DATA RECORDS:
——

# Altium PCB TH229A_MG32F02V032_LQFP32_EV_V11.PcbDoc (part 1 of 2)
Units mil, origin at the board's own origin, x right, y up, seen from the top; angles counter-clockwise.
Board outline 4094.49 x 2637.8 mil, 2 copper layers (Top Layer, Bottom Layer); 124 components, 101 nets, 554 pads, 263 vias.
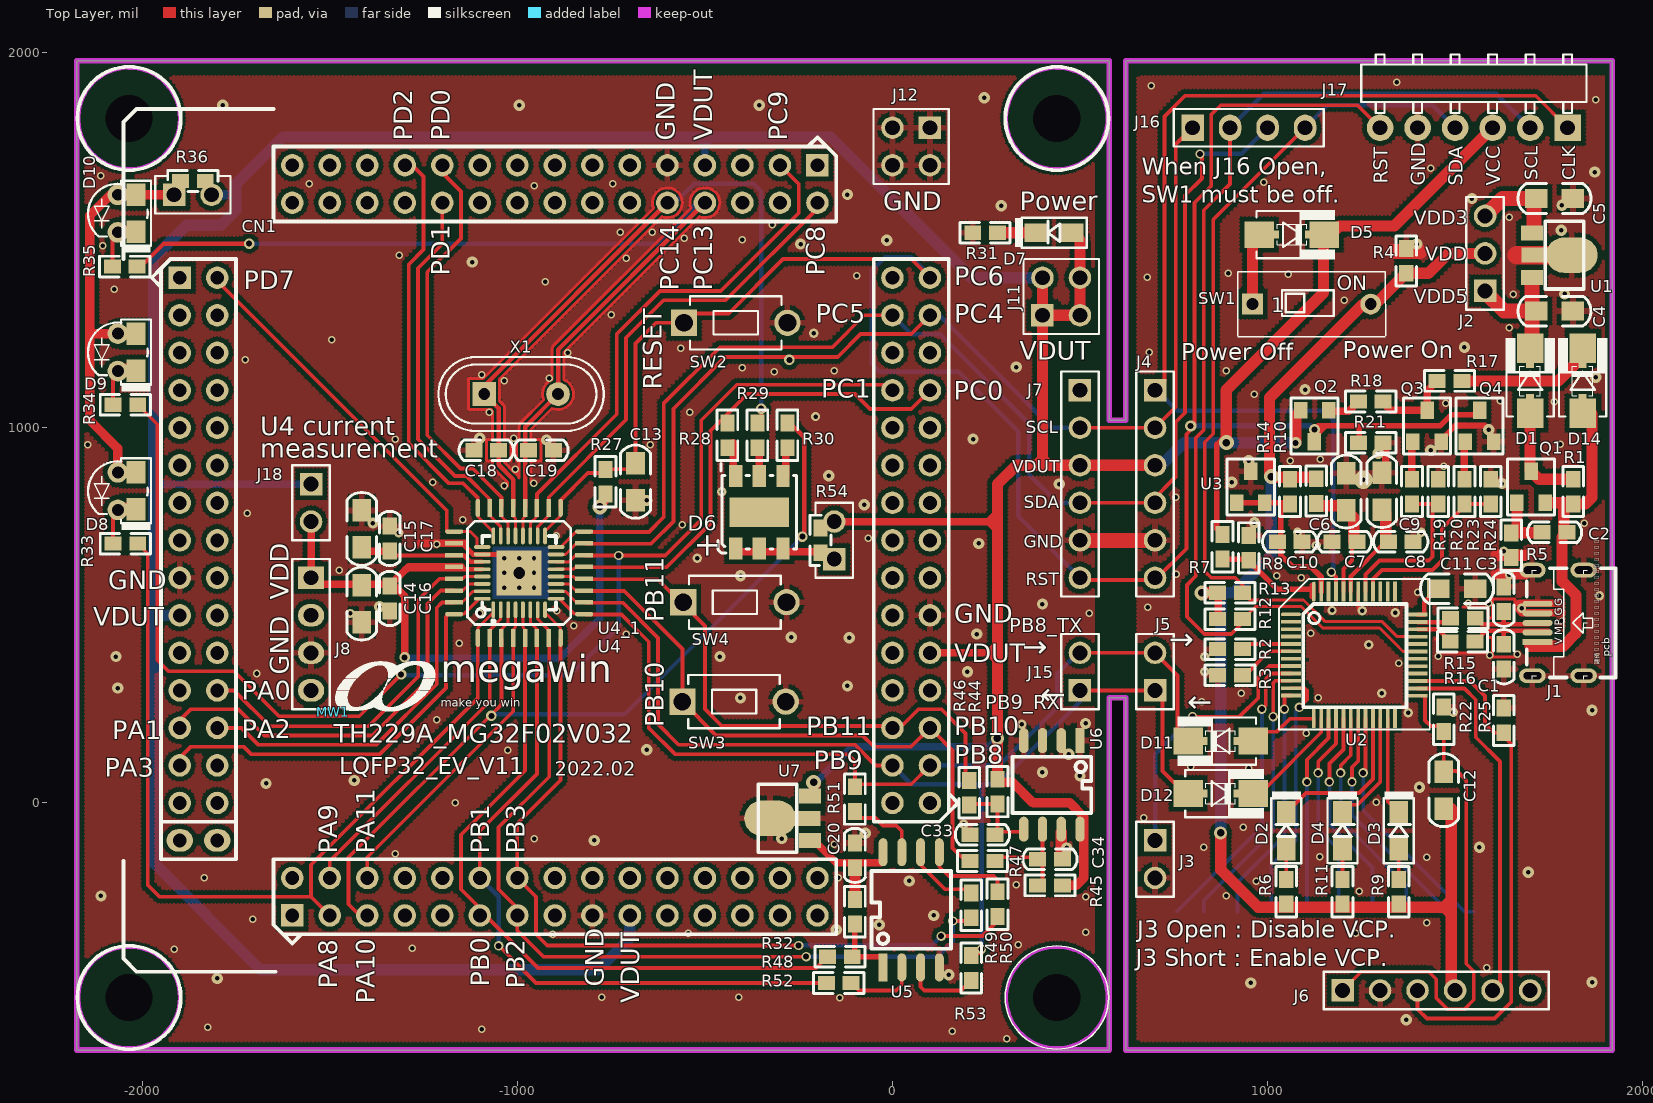
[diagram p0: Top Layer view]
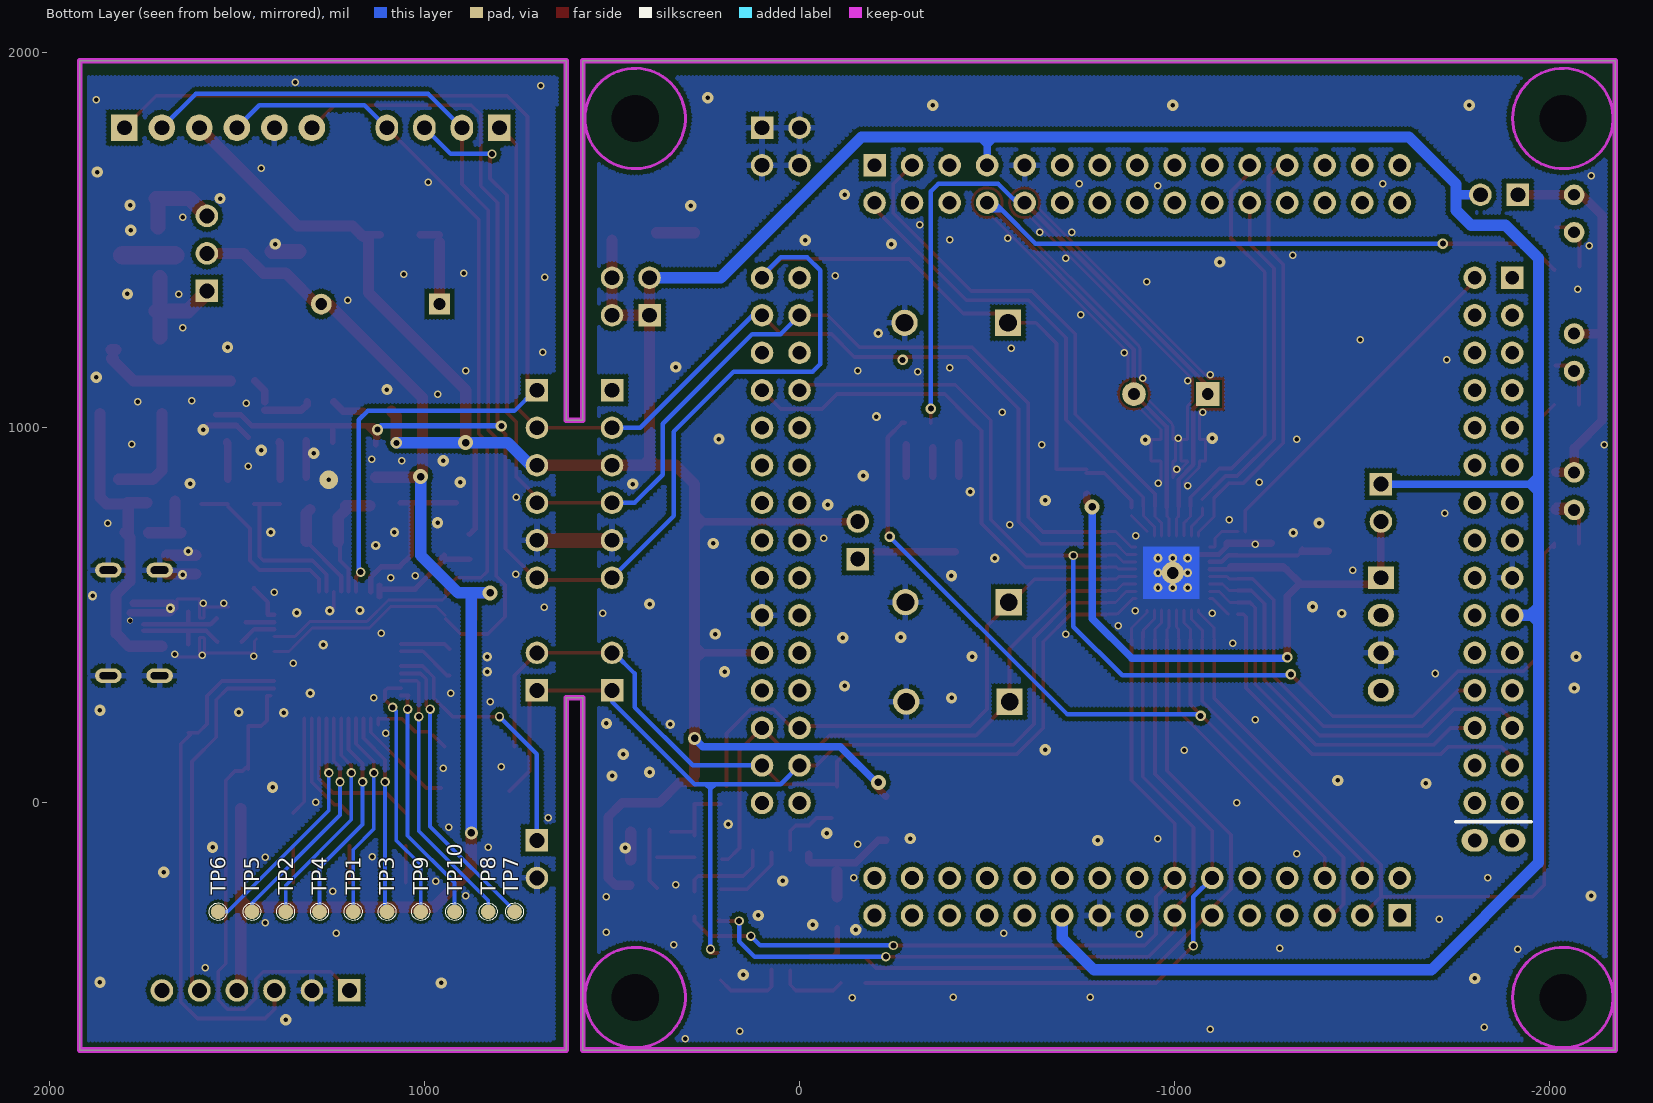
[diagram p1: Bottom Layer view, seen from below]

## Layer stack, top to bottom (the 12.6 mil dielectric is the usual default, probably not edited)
Top Layer: signal copper 1.4
Dielectric: dielectric 12.6, FR-4, Dk 4.8
Bottom Layer: signal copper 1.4

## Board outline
-2175.04,-658.74 -2175.04,1979.06 578.35,1979.06 578.35,1020 621.65,1020 621.65,1979.06 1919.45,1979.06 1919.45,-658.74 621.65,-658.74 621.65,280 578.35,280 578.35,-658.74

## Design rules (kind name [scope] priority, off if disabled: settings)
Clearance 12 [All] p1: gap=12
Clearance 7 [All] p2 off: gap=7
Clearance 6 [All] p3: gap=6
HoleSize 500-HoleSize [All] p1: absolutevalues=TRUE maxlimit=1500 minlimit=1 maxpercent=80.000 minpercent=20.000
PolygonConnect VIA [ISVIA] p1: connectstyle=Direct reliefconductorwidth=10 reliefentries=4 polygonreliefangle="90 Angle"
PolygonConnect "15 PolygonConnect" [All] p2: connectstyle=Relief reliefconductorwidth=15 reliefentries=4 polygonreliefangle="90 Angle"
RoomDefinition 2_MG32F02V032_V11 [InComponentClass('2_MG32F02V032_V11')] p1: confinementstyle=ConfineIn formatcopy=TRUE lockcomponents=FALSE outline -2365.04,-833.74 2065,-833.74 2065,2051.26 -2365.04,2051.26
RoomDefinition 1_MLink_V11 [InComponentClass('1_MLink_V11')] p2: confinementstyle=ConfineIn formatcopy=TRUE lockcomponents=FALSE outline -2285.04,-878.74 2004.96,-878.74 2004.96,2116.26 -2285.04,2116.26
RoutingVias [All] p1: holewidth=16 width=28 viastyle="Through Hole" minholewidth=16 minwidth=25 maxholewidth=28 maxwidth=50
ShortCircuit [All] p1 off: allowed=FALSE
SilkscreenOverComponentPads [All] p1: minsilkscreentomaskgap=10
SolderMaskExpansion [All] p1: expansion=4
UnRoutedNet [All] p1 off:
Width [All] p1: maxlimit=100 minlimit=6 preferedwidth=10
24 further rules are at their usual default settings.

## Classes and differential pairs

——

PROBLEM DETAILS:
Line count for "view": state how many lines of the records contain it, and give only the number.

SOLUTION TO THIS TASK:
2